By Sara Calabro
The country’s first inpatient clinic for postpartum depression opened yesterday. Reporting on the opening, taking place at a University of North Carolina hospital in Chapel Hill, NPR said the new clinic will focus exclusively on the needs of women who experience severe mood changes after giving birth. Breast pumps, rocking chairs, individual and family therapy, and extended visiting hours for babies are all part of the specialized treatment regimen.
Acupuncture should be included as well.
Depression from an acupuncture perspective is a form of stagnation. Things are not moving as they should through a particular organ or meridian, causing emotional symptoms such as weighty sadness, frustration, or feelings of being blocked.
Stagnation can happen anywhere, but depression is most commonly associated with stagnation in the Liver. Liver is the system responsible for smooth flow throughout the body, so when things are stuck, points along the Liver channel are selected to restore movement.
Chronic stagnation eventually can lead to what are known as deficiency patterns.
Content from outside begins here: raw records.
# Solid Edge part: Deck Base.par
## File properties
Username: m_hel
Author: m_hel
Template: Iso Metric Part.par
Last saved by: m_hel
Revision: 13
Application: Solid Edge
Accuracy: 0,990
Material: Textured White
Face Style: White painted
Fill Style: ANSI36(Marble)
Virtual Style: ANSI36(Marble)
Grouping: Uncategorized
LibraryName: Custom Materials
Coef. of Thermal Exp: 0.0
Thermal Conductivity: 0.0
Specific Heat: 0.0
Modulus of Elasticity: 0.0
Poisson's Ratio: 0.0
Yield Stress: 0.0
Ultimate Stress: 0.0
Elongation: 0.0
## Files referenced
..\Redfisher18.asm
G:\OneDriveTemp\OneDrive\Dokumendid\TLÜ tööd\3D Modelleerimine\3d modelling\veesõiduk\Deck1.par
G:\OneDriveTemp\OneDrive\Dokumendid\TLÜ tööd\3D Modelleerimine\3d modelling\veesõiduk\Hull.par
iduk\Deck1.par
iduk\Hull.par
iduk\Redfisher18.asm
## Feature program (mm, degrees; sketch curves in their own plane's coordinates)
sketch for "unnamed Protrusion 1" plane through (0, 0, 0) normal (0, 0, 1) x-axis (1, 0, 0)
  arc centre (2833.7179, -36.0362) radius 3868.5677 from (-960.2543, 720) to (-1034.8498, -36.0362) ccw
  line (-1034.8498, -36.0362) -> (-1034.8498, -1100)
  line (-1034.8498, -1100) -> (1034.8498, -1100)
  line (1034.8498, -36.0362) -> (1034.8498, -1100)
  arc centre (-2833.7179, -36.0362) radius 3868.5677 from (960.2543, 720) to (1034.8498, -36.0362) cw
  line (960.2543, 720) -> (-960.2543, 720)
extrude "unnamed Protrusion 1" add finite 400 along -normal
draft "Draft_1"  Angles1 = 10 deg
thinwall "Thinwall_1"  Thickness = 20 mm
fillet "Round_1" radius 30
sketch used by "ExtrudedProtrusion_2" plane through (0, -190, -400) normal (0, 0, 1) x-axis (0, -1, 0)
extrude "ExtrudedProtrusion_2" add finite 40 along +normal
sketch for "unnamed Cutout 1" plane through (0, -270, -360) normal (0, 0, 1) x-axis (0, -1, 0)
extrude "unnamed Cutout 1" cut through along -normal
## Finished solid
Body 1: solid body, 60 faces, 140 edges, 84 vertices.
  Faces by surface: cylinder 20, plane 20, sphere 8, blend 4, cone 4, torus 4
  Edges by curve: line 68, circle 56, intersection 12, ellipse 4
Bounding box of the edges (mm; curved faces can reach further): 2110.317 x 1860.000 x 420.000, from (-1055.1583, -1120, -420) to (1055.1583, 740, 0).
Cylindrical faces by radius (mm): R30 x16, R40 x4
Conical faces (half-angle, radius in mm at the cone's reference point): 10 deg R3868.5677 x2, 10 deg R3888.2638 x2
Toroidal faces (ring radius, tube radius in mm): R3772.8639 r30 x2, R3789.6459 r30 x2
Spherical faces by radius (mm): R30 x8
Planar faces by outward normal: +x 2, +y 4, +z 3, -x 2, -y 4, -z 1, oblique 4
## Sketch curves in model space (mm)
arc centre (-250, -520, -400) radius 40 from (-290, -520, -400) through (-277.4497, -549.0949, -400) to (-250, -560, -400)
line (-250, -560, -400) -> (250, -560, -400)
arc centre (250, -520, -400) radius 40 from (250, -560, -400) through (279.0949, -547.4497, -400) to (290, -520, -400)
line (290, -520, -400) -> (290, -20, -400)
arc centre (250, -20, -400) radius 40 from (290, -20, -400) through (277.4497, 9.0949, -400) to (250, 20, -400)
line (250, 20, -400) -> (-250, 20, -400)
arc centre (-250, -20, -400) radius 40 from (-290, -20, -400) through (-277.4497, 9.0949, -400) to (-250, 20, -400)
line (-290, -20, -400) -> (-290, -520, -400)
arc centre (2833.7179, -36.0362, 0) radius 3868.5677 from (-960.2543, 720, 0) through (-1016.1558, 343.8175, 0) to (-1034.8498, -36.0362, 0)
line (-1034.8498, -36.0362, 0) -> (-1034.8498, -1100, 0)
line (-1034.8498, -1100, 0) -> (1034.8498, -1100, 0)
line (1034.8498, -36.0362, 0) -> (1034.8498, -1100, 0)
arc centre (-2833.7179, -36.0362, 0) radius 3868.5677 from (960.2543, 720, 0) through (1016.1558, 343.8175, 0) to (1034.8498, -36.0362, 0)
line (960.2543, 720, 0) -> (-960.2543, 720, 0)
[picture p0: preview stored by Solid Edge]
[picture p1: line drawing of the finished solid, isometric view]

Postpartum depression usually falls into this category.
A primary pattern associated with postpartum depression is Heart Blood Deficiency.
What is Heart Blood Deficiency?
Heart Blood Deficiency in postpartum women can be understood literally—during childbirth, women lose a lot of blood, leaving them deficient in this area. In addition to depression, not having enough blood can cause forgetfulness, difficulty falling asleep, and feelings of intense shyness or social anxiety. (Heart palpitations and dizziness also can be associated specifically with Heart Blood Deficiency.)
However, the development of Heart Blood Deficiency after giving birth is more thoroughly explained through the interconnectedness that underlies acupuncture diagnoses.
During pregnancy, many things don’t move the way they should. Stagnation throughout the body can cause everything from physical symptoms like constipation to emotional stress and tension, all of which directly impact the Liver. Over time, the overburdened Liver begins to affect the Heart.
One understanding of the relationship between Liver and Heart can be found in Five Element acupuncture. In Five Element, wood (the natural element associated with Liver) is the mother of fire (Heart), so Liver pathologies are easily transferred to Heart. And the cycle continues: Once fire is affected, it can begin to disrupt the next element, earth (Spleen), which when deficient can cause excessive pensiveness and brooding, symptoms commonly experienced by women with postpartum depression.
Meridian approach to postpartum depression
Heart Blood Deficiency and other Liver-associated patterns are not the only explanations for postpartum depression. For instance, a meridian-style acupuncturist may view postpartum depression as an issue with Chong Mai, one of the body’s extraordinary vessels.
Chong Mai, which originates in the uterus, often plays a role in gynecological-related conditions. Another name for Chong Mai is Sea of Blood. There are four seas in the body that are regulated to achieve what we think of in biomedicine as homeostasis.
In The Practical Application of Meridian Style Acupuncture, author John Pirog says that when the Sea of Blood is unbalanced, “The patient has a keen sense that something is wrong but is unable to describe any clear symptoms and is unable to attribute a definite cause.”
This is a feeling a lot of postpartum women can identify with.
Much like the doctors who founded the postpartum clinic at UNC, acupuncturists understand that women experiencing postpartum depression have unique needs. Acupuncture is an ideal complement to the specialized services being introduced at these important new clinics.